Task item: Among the entries, find each line that includes the string "Volume" and list it.

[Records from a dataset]

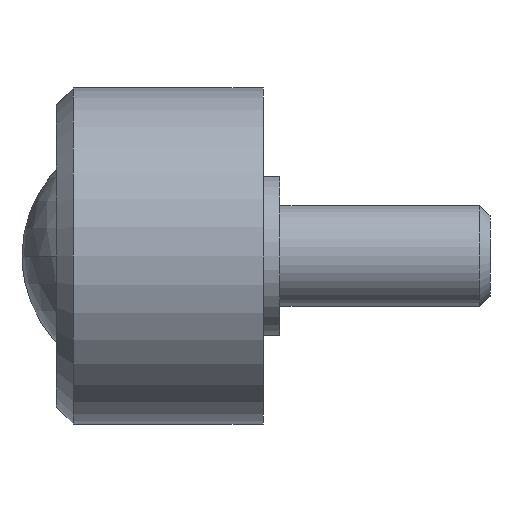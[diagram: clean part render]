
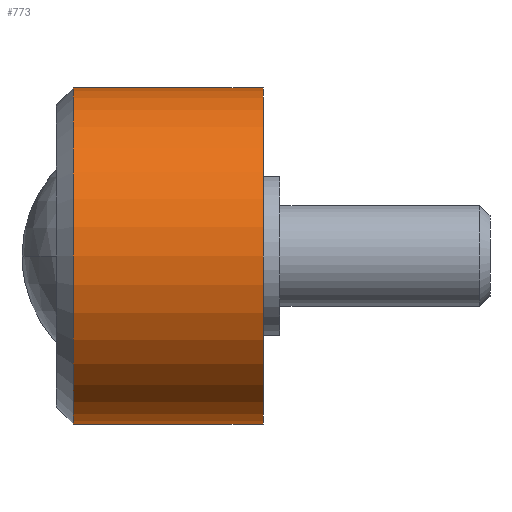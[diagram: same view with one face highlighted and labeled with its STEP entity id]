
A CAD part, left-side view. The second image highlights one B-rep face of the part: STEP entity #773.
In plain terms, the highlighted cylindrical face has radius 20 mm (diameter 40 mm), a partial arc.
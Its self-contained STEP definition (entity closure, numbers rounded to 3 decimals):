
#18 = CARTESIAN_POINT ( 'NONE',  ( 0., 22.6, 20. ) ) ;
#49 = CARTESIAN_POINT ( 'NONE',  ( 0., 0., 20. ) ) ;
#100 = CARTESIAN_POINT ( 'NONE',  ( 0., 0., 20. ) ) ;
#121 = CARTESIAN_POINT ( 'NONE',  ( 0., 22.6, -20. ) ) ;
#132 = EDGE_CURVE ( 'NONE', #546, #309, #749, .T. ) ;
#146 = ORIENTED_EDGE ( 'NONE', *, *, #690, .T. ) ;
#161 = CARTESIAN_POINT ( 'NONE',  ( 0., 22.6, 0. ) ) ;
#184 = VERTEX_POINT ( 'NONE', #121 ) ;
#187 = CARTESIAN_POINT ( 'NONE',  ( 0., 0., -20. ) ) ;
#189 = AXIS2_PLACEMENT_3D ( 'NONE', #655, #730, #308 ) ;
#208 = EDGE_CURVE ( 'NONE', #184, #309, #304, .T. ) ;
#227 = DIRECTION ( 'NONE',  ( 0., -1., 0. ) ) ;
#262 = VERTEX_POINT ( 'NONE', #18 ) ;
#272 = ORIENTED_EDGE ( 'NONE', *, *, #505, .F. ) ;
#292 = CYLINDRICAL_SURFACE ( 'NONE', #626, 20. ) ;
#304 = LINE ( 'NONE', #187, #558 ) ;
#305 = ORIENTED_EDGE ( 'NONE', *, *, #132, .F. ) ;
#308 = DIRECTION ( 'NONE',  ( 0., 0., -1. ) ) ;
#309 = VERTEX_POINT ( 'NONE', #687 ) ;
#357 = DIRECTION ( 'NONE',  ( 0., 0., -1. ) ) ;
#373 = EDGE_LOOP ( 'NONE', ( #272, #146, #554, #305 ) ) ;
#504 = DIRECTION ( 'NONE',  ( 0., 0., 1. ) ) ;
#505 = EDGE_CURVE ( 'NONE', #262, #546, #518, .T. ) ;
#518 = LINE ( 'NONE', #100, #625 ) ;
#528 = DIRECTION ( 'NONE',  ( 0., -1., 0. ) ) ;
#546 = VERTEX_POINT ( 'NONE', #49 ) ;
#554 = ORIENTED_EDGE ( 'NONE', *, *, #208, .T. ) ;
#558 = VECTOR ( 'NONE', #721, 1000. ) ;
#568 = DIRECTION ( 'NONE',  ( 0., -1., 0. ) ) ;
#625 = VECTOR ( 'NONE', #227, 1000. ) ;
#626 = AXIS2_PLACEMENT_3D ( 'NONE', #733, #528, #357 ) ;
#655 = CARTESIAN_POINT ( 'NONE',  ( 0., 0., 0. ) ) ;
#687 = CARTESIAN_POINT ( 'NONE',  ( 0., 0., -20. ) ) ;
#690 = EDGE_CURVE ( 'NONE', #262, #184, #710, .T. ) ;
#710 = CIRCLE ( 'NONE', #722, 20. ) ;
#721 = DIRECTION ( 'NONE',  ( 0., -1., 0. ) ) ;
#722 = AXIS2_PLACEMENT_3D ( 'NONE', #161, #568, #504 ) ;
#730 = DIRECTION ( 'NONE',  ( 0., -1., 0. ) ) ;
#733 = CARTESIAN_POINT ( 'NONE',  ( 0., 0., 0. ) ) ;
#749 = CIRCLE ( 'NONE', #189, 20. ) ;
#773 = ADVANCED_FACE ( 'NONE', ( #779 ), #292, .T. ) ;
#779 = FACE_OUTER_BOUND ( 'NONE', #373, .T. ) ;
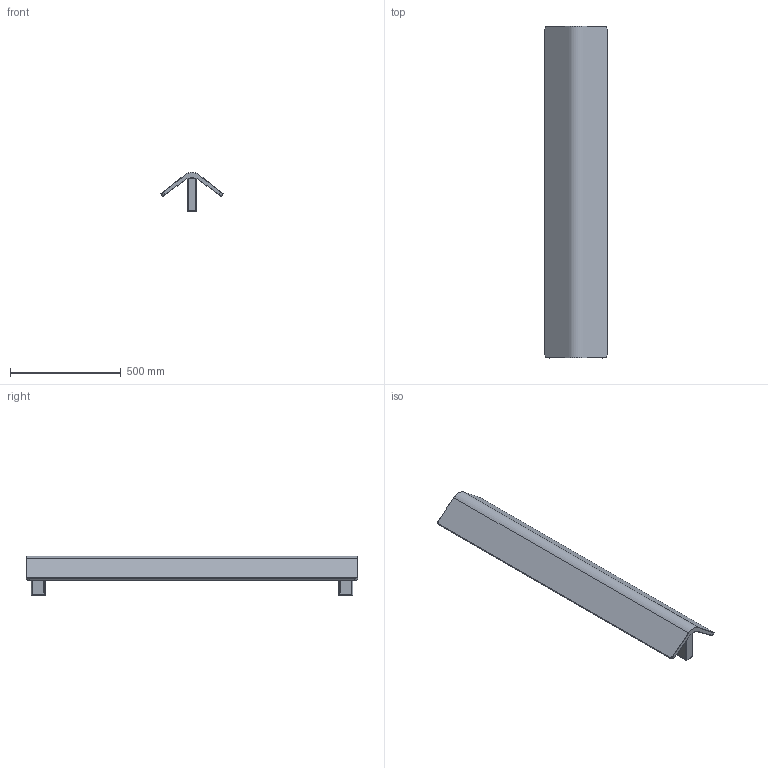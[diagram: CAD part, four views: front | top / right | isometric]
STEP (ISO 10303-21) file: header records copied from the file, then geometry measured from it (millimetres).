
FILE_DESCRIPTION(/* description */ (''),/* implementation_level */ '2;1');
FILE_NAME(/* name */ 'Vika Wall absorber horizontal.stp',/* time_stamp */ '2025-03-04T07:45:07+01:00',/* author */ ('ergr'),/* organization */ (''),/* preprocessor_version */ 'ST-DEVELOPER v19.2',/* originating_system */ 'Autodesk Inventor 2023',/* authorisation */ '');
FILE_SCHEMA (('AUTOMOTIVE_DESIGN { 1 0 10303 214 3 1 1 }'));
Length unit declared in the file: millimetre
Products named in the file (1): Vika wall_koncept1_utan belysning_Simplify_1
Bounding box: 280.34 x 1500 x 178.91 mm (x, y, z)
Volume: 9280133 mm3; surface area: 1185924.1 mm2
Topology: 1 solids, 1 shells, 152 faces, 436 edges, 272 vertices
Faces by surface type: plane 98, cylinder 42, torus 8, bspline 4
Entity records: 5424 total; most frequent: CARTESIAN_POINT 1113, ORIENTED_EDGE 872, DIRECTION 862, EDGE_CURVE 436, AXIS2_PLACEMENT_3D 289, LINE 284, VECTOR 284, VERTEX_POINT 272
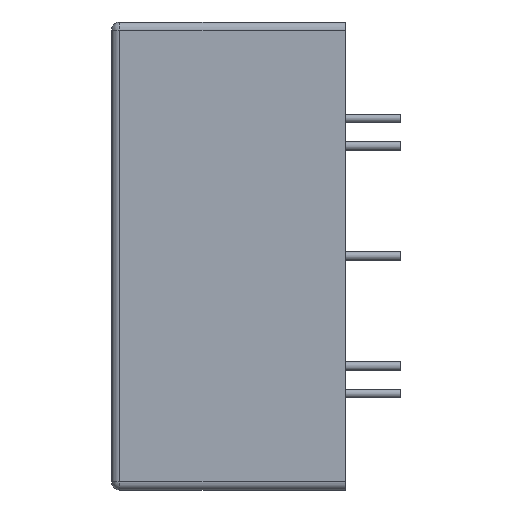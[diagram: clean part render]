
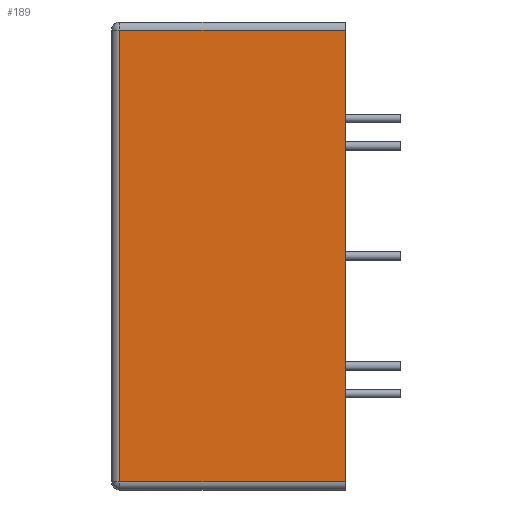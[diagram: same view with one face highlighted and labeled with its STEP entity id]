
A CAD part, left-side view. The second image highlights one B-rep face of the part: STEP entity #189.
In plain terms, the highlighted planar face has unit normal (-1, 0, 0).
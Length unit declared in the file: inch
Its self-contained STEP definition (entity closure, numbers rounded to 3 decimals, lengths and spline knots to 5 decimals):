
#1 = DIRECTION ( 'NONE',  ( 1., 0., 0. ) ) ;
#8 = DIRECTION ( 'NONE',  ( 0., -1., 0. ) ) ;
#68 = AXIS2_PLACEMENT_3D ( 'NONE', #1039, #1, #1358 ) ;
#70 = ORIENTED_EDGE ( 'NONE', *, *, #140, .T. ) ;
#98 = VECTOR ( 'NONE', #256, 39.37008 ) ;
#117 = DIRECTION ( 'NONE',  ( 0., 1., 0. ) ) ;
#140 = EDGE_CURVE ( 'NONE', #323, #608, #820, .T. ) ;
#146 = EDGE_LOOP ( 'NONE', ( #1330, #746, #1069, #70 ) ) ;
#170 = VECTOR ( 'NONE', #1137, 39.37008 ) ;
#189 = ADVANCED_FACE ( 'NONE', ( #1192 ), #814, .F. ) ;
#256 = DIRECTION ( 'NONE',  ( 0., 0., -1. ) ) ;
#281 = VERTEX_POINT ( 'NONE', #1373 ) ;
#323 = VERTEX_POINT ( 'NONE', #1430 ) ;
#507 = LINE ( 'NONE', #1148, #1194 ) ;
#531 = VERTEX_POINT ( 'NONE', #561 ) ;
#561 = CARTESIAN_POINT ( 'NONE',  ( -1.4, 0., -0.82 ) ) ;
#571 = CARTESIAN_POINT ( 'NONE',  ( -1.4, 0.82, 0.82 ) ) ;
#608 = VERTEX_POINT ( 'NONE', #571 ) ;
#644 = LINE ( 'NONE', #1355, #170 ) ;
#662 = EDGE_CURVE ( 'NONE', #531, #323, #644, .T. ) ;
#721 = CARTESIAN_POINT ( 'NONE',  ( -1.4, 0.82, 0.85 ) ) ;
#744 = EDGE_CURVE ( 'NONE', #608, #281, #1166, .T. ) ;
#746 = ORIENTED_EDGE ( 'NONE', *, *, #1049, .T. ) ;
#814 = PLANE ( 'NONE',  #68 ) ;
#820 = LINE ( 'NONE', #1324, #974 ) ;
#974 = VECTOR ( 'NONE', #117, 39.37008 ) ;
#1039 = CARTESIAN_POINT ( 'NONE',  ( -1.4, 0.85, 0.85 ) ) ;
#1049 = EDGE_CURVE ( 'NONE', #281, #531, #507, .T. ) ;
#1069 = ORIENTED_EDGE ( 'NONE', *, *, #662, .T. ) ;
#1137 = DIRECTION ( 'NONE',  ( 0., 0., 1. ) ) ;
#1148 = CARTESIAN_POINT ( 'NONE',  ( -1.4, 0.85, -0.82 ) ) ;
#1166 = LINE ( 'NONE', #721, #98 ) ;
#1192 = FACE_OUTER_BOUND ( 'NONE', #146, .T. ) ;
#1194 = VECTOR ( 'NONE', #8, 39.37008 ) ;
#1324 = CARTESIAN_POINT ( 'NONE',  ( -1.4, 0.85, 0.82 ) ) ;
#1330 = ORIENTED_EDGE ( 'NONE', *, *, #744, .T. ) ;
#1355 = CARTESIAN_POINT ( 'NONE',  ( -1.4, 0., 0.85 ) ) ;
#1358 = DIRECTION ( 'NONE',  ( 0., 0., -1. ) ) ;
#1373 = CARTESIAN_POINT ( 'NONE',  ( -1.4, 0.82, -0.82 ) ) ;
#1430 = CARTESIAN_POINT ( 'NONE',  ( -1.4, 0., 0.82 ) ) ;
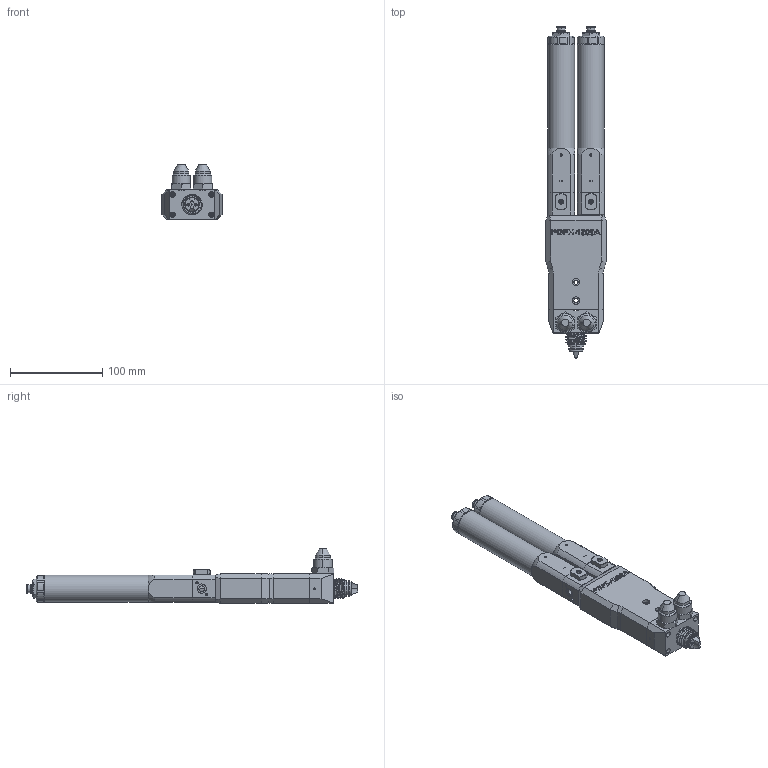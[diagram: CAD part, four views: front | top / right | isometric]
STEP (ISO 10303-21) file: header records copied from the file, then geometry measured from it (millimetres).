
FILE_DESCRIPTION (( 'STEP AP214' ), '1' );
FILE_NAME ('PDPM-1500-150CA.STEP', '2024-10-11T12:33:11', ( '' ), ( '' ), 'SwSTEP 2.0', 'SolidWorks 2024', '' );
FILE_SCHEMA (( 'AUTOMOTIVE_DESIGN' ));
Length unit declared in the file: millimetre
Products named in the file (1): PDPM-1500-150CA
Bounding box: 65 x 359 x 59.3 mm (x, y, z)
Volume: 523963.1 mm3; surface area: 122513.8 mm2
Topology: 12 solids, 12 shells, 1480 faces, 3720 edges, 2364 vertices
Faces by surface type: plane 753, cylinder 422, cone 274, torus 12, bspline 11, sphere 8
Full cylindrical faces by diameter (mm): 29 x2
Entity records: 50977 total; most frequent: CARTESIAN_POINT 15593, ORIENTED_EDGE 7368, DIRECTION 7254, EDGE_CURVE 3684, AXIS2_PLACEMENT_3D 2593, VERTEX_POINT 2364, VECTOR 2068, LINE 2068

The answer:
Volume: 9280133 mm3; surface area: 1185924.1 mm2
Volume: 523963.1 mm3; surface area: 122513.8 mm2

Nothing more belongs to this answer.